€4.5 million increase for MTA to go for route development

Malta’s tourist industry has finally seen a bit of a recovery, but Air Malta’s 11 fewer flights from the UK could harm this volatile recovery.

Airline pricing can be complex as it is unpredictable, driven by competition and demand. Only the first few seats on a flight will be sold at cheap prices (which is why early booking counts) but as the flight fills up, prices start going up accordingly.

Depending on who you speak to, proponents of this so called ‘flexi-system’ will argue that more travellers are directly booking their flights on the internet.

Critics – like tour operators – will complain that Air Malta no longer allocates enough reduced-price seats for package tourists.

No surprise then, that the Maltese tour operators based in the UK whom MaltaToday spoke to, are fearing the worst, given Air Malta’s reduced UK schedule for summer 2011, and the 2% VAT increase on tourist accommodation.

“It’s a disaster for Air Malta and for Malta as a tourist destination. If things continue the way they are going, Air Malta will end up operating out of Heathrow and Gatwick and with one or two flights out of Manchester a week – leaving Malta at the mercy of low cost airlines like Ryanair for the survival of one of Malta’s major industries.”

Low-cost airlines manage to achieve cut-price seats thanks to the so called ‘route development support scheme’ – funds from governments that pay the airlines’ landing fees at airports, in return to open underserved routes.

This year’s budget has allocated a record €35 million to the Malta Tourism Authority – the singular increase of €4.5 million will be allocated for route development.

That leaves other legacy airlines like Air Malta fuming over the competitive pricing of LCCs.

Air Malta says it is looking at how to deploy aircraft in the most cost-effective way. “The global aviation industry – in these turbulent times – is always looking at optimising its fleet. It is normal business to have route-by-route strategy… Air Malta is looking at existing routes and at possible new routes to ensure maximum return for Air Malta at these difficult times,” a spokesperson for the airline said when asked about the reduced UK flights.

But another UK-based tour operator says leaving room for Ryanair to capitalise on reduced capacity, encourages them to demand more subsidies.

“The subsidies to LCCs are enough to operate a flight at a profit even if seats aren’t charged at all. What I don’t understand is how an organisation like Air Malta, so profitable just five years ago, fails to turn a profit over the summer?”

The available data shows Air Malta operated at 78% of capacity on average flights while other airlines reached well over 80%. Would reserving the additional 20% of seats to tour operators change things?

“As things stand today, as tour operators we pay the same price for a seat as anyone else trying to book one. The airline is trying to be too many things – British Airways, a low cost airline, a national airline and a tour operator all at once,” the tour operator says.
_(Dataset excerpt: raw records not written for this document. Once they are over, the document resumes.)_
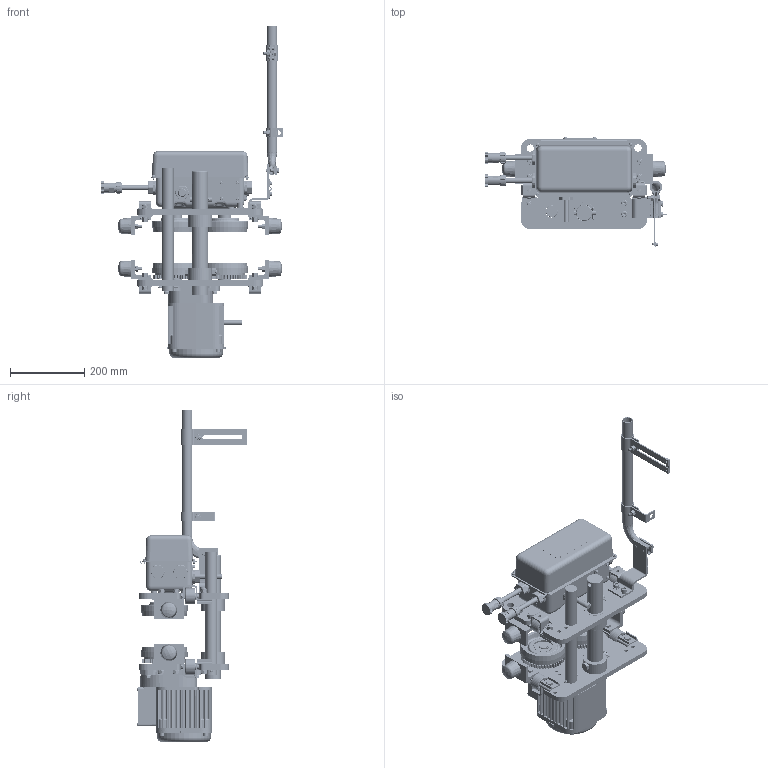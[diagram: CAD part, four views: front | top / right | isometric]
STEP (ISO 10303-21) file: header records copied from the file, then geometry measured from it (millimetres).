
FILE_DESCRIPTION (( 'STEP AP214' ), '1' );
FILE_NAME ('MR030SD.STEP', '2026-08-10T15:12:02', ( '' ), ( '' ), 'SwSTEP 2.0', 'SolidWorks 2026', '' );
FILE_SCHEMA (( 'AUTOMOTIVE_DESIGN' ));
Length unit declared in the file: inch
Products named in the file (91): ES558003; M6F554010; M6SE030S9102; MS162030_MS162030; MR2DI1768_DEFAULT; Socket Head Cap Screw_AM_B18.3.1M - 10 x 1.5 x 20 Hex SHCS -- 20NHX; MR1FS9203; MR1DS1493; MR1DS9501; 9012711_9012711; MR1DS9496; MR2DI2811; MR1ES92151; MR1DS1491; 60704; M7SE020S91422; MR030SD; MR1ES9218; MR1DS93112; MS517010; 16-6 (MR2); MR1FS9205; 9093352_9093352; MR1FS5201; 90094165_90094165; J1PS31-050025; MS527010; 9093427_9093427; MR1DS9481; MR2SHM10S9A8; 90912134; J1SR000-00062_JIS B 2804 Hole use 62; MR1DS9493; ECP5924AC1; MS1102030; ECP6916AA; MR1FS9101_MR1FS9101; 9047125_B27.7M - 3AM1-23; MR1DS9492; M6SE030S9101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
Assembly tree (226 placements, depth 5):
  MR030SD
    MR1FS5201
      MR1FS9201
      MR1FS9203  x2
      MR1FS9204
    MR1FS5202
      MR1FS9202
      MR1FS9203  x2
      MR1FS9205
    MS1101030  x2
      M6SE030S9101
      J1SR000-00062_JIS B 2804 Hole use 62
      J1GR020-0630
    MS1102030  x2
      M6SE030S9102
      J1SR000-00062_JIS B 2804 Hole use 62
      J1GR020-0630
    MR1ES9634  x4
    MS006020  x4
    MR1ES12112  x2
      M7SE020S91422
      J1PS31-050025
      MR1ES22111
      MR2DS92171
      MR1ES92151
      MR1ES9218
    MR1ES12112_Reversed  x2
      M7SE020S91422
      J1PS31-050025
      MR1ES22111
      MR2DS92171
      MR1ES92151
      MR1ES9218
    MR1FS9631  x4
    9012711_9012711  x8
    9093424_9093424  x4
    9093351_9093351  x4
    9012712_9012712  x14
    9093427_9093427  x12
    9093352_9093352  x8
    9047125_B27.7M - 3AM1-23  x4
    70131XX_7013102
      MR1DS9411
      MR1DS9401_1 - 8 TON & 10 L TON
      MR1DS9421
      MS554010  x12
      MR2DI2811
        ECP5924AH
        MS527010
        MR2DI1811
        ES558003  x4
      MS517010  x4
      MS551010  x4
      MR2DI1768_DEFAULT  x2
        60704
          ECP5924AA1
          ECP5924AD1
          ECP5924AC1
          KITO-WASHER
          ECP5924AB1
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Bounding box: 489.15 x 295.18 x 893.31 mm (x, y, z)
Volume: 7831532.6 mm3; surface area: 2234538.4 mm2
Topology: 259 solids, 275 shells, 10006 faces, 26595 edges, 17374 vertices
Faces by surface type: plane 4634, cylinder 2797, cone 1383, bspline 688, torus 400, sphere 104
Entity records: 188743 total; most frequent: CARTESIAN_POINT 77076, ORIENTED_EDGE 22950, DIRECTION 21246, EDGE_CURVE 11477, AXIS2_PLACEMENT_3D 7784, VERTEX_POINT 7713, LINE 5678, VECTOR 5678
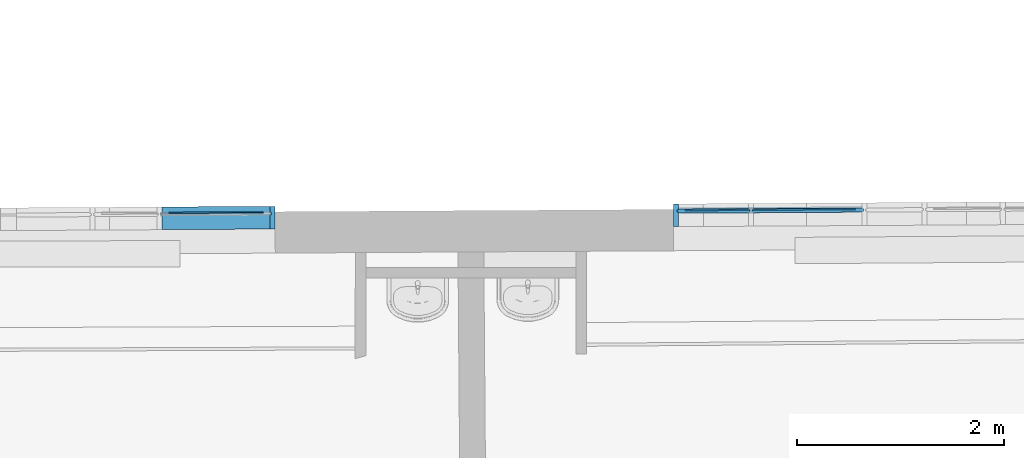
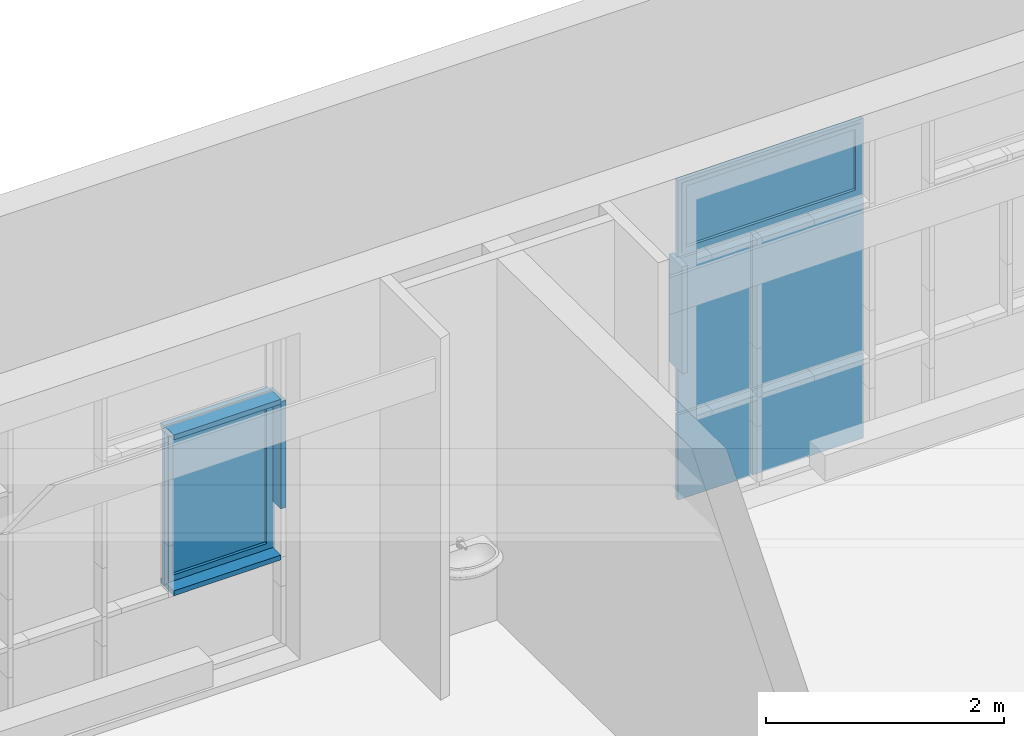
# One storey, part 131 of 196: 12 building element parts, 2 elements without a shape of their own.
"""IFC2X3 building model written with IfcOpenShell, lengths in metres."""

import ifcopenshell
import ifcopenshell.guid

model = None  # the IFC model being written
_history = None  # IfcOwnerHistory: only IFC2X3 demands one
_inside = {}  # id of a spatial element -> (the spatial element, [elements in it])
_under = {}  # id of a project, library or spatial element -> (it, [spatial elements below it])
_declared = {}  # id of a project -> (the project, [libraries it declares])
_typed = {}  # id of a type object -> (the type object, [elements of that type])
_made_of = {}  # id of a material, layer set ... -> (it, [elements and type objects made of it])


def new_model(schema):
    """Start an empty IFC model of exactly this schema.

    Asked for "IFC4X3", IfcOpenShell would pick the latest addendum, in which some entities
    have other attributes; the version numbers below select the first issue.
    IFC2X3 requires an IfcOwnerHistory on every rooted entity: one is made here for all.
    """
    global model, _history
    if schema == "IFC4X3":
        model = ifcopenshell.file(schema_version=(4, 3, 0, 0))
    else:
        model = ifcopenshell.file(schema=schema)
    _inside.clear()
    _under.clear()
    _declared.clear()
    _typed.clear()
    _made_of.clear()
    _history = None
    if model.schema == "IFC2X3":
        org = make("IfcOrganization", Name="unknown")
        user = make(
            "IfcPersonAndOrganization",
            ThePerson=make("IfcPerson", FamilyName="unknown"),
            TheOrganization=org,
        )
        app = make(
            "IfcApplication",
            ApplicationDeveloper=org,
            Version="unknown",
            ApplicationFullName="unknown",
            ApplicationIdentifier="unknown",
        )
        _history = make(
            "IfcOwnerHistory",
            OwningUser=user,
            OwningApplication=app,
            ChangeAction="ADDED",
            CreationDate=0,
        )
    return model


def make(cls, **values):
    """One entity of the class cls with the attributes given. An attribute that is None is left unset."""
    return model.create_entity(
        cls, **{name: value for name, value in values.items() if value is not None}
    )


def entity(cls, *values):
    """Any entity or typed value of the class cls, its attributes in the order of the schema. None: left unset."""
    e = model.create_entity(cls)
    for i, value in enumerate(values):
        if value is not None:
            e[i] = value
    return e


def rooted(cls, **values):
    """An entity with a GlobalId (a new one), such as an element, a storey or a relation."""
    return make(cls, GlobalId=ifcopenshell.guid.new(), OwnerHistory=_history, **values)


def si_unit(unit_type, name, prefix=None):
    """IfcSIUnit, for example si_unit("LENGTHUNIT", "METRE", prefix="MILLI")."""
    return make("IfcSIUnit", UnitType=unit_type, Prefix=prefix, Name=name)


def converted_unit(unit_type, name, factor, base, dimensions=None, offset=None):
    """IfcConversionBasedUnit, such as the inch: factor (a typed value) times the base unit."""
    return make(
        "IfcConversionBasedUnit"
        if offset is None
        else "IfcConversionBasedUnitWithOffset",
        ConversionOffset=offset,
        Dimensions=None
        if dimensions is None
        else entity("IfcDimensionalExponents", *dimensions),
        UnitType=unit_type,
        Name=name,
        ConversionFactor=make(
            "IfcMeasureWithUnit", ValueComponent=factor, UnitComponent=base
        ),
    )


def derived_unit(unit_type, elements):
    """IfcDerivedUnit: a product of units, each with its exponent."""
    return make(
        "IfcDerivedUnit",
        Elements=[
            make("IfcDerivedUnitElement", Unit=unit, Exponent=power)
            for unit, power in elements
        ],
        UnitType=unit_type,
    )


def money_unit(currency):
    """IfcMonetaryUnit."""
    return make("IfcMonetaryUnit", Currency=currency)


def assignment(units):
    """IfcUnitAssignment: the units of a project."""
    return None if units is None else make("IfcUnitAssignment", Units=units)


def point(xyz):
    """IfcCartesianPoint."""
    return None if xyz is None else make("IfcCartesianPoint", Coordinates=xyz)


def direction(xyz):
    """IfcDirection."""
    return None if xyz is None else make("IfcDirection", DirectionRatios=xyz)


def frame(location, z_axis=None, x_axis=None):
    """IfcAxis2Placement3D, a coordinate frame: its origin and axes. An axis left out is left unset."""
    return make(
        "IfcAxis2Placement3D",
        Location=point(location),
        Axis=direction(z_axis),
        RefDirection=direction(x_axis),
    )


def origin_with_axes():
    """The frame at (0, 0, 0) with the z axis (0, 0, 1) and the x axis (1, 0, 0) written out."""
    return frame((0.0, 0.0, 0.0), z_axis=(0.0, 0.0, 1.0), x_axis=(1.0, 0.0, 0.0))


def place(relative_to, where):
    """IfcLocalPlacement: puts the frame where relative to a parent placement (None: the world)."""
    return make(
        "IfcLocalPlacement", PlacementRelTo=relative_to, RelativePlacement=where
    )


def context(
    kind, dimensions, precision=None, world=None, true_north=None, identifier=None
):
    """IfcGeometricRepresentationContext, for example the 3D "Model" context."""
    return make(
        "IfcGeometricRepresentationContext",
        ContextIdentifier=identifier,
        ContextType=kind,
        CoordinateSpaceDimension=dimensions,
        Precision=precision,
        WorldCoordinateSystem=world,
        TrueNorth=true_north,
    )


def subcontext(parent, identifier, kind, view, scale=None):
    """IfcGeometricRepresentationSubContext, for example "Body" below "Model"."""
    return make(
        "IfcGeometricRepresentationSubContext",
        ContextIdentifier=identifier,
        ContextType=kind,
        ParentContext=parent,
        TargetScale=scale,
        TargetView=view,
    )


def project(units=None, contexts=None):
    """IfcProject with its units and contexts."""
    return rooted(
        "IfcProject",
        Name="project",
        RepresentationContexts=contexts,
        UnitsInContext=assignment(units),
    )


def spatial(cls, under=None, at=None, **own):
    """A site, building, storey or space (cls), placed at a placement, below another one or the project."""
    s = rooted(cls, ObjectPlacement=at, **own)
    if under is not None:
        _under.setdefault(under.id(), (under, []))[1].append(s)
    return s


def faces_of(points, faces, orient=None, outer=None):
    """IfcFace entities. A face is a list of loops; a loop is a list of indices into points, from 0.

    orient and outer hold one flag for each loop. By default every Orientation is true, the
    first loop of a face is its IfcFaceOuterBound and the others are IfcFaceBound.
    """
    made = []
    for i, loops in enumerate(faces):
        bounds = []
        for j, loop in enumerate(loops):
            is_outer = j == 0 if outer is None else outer[i][j]
            bounds.append(
                make(
                    "IfcFaceOuterBound" if is_outer else "IfcFaceBound",
                    Bound=make("IfcPolyLoop", Polygon=[points[k] for k in loop]),
                    Orientation=True if orient is None else orient[i][j],
                )
            )
        made.append(make("IfcFace", Bounds=bounds))
    return made


def faceted_brep(points, faces, orient=None, outer=None, voids=None):
    """IfcFacetedBrep: a solid bounded by flat faces; with voids (closed shells), ...WithVoids."""
    shared = [point(p) for p in points]
    hull = make("IfcClosedShell", CfsFaces=faces_of(shared, faces, orient, outer))
    if voids is None:
        return make("IfcFacetedBrep", Outer=hull)
    return make(
        "IfcFacetedBrepWithVoids",
        Outer=hull,
        Voids=[
            make(cls, CfsFaces=faces_of(shared, fs, o, b)) for cls, fs, o, b in voids
        ],
    )


def shape(context_of_items, identifier, shape_type, items):
    """IfcShapeRepresentation: the items that make up one representation, for example the "Body"."""
    return make(
        "IfcShapeRepresentation",
        ContextOfItems=context_of_items,
        RepresentationIdentifier=identifier,
        RepresentationType=shape_type,
        Items=items,
    )


def material(Name=None, Category=None):
    """IfcMaterial."""
    return make("IfcMaterial", Name=Name, Category=Category)


def made_of(thing, what):
    """Note that an element or type object is made of a material, layer set ...; save() writes the relation."""
    if what is not None:
        _made_of.setdefault(what.id(), (what, []))[1].append(thing)
    return thing


def type_object(cls, material=None, **own):
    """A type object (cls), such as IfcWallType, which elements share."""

“Before, Air Malta was our partner. Now they compete against us. At the end of the day they earn the same revenue whether we sell a seat or they do… Some seats were sold at even £600 a seat. Air Malta would rather sell a few seats at high prices than more seats at a cheaper price. We need to see more bums in seats.”

On his part, parliamentary secretary for tourism Mario De Marco says that before commenting on the reduced flights, questions must be asked as to whether there was already excess capacity anyway from the UK.

“What is important in this scenario is that Air Malta overcomes its present difficulties and ensures its long term viability,” a spokesperson for De Marco said.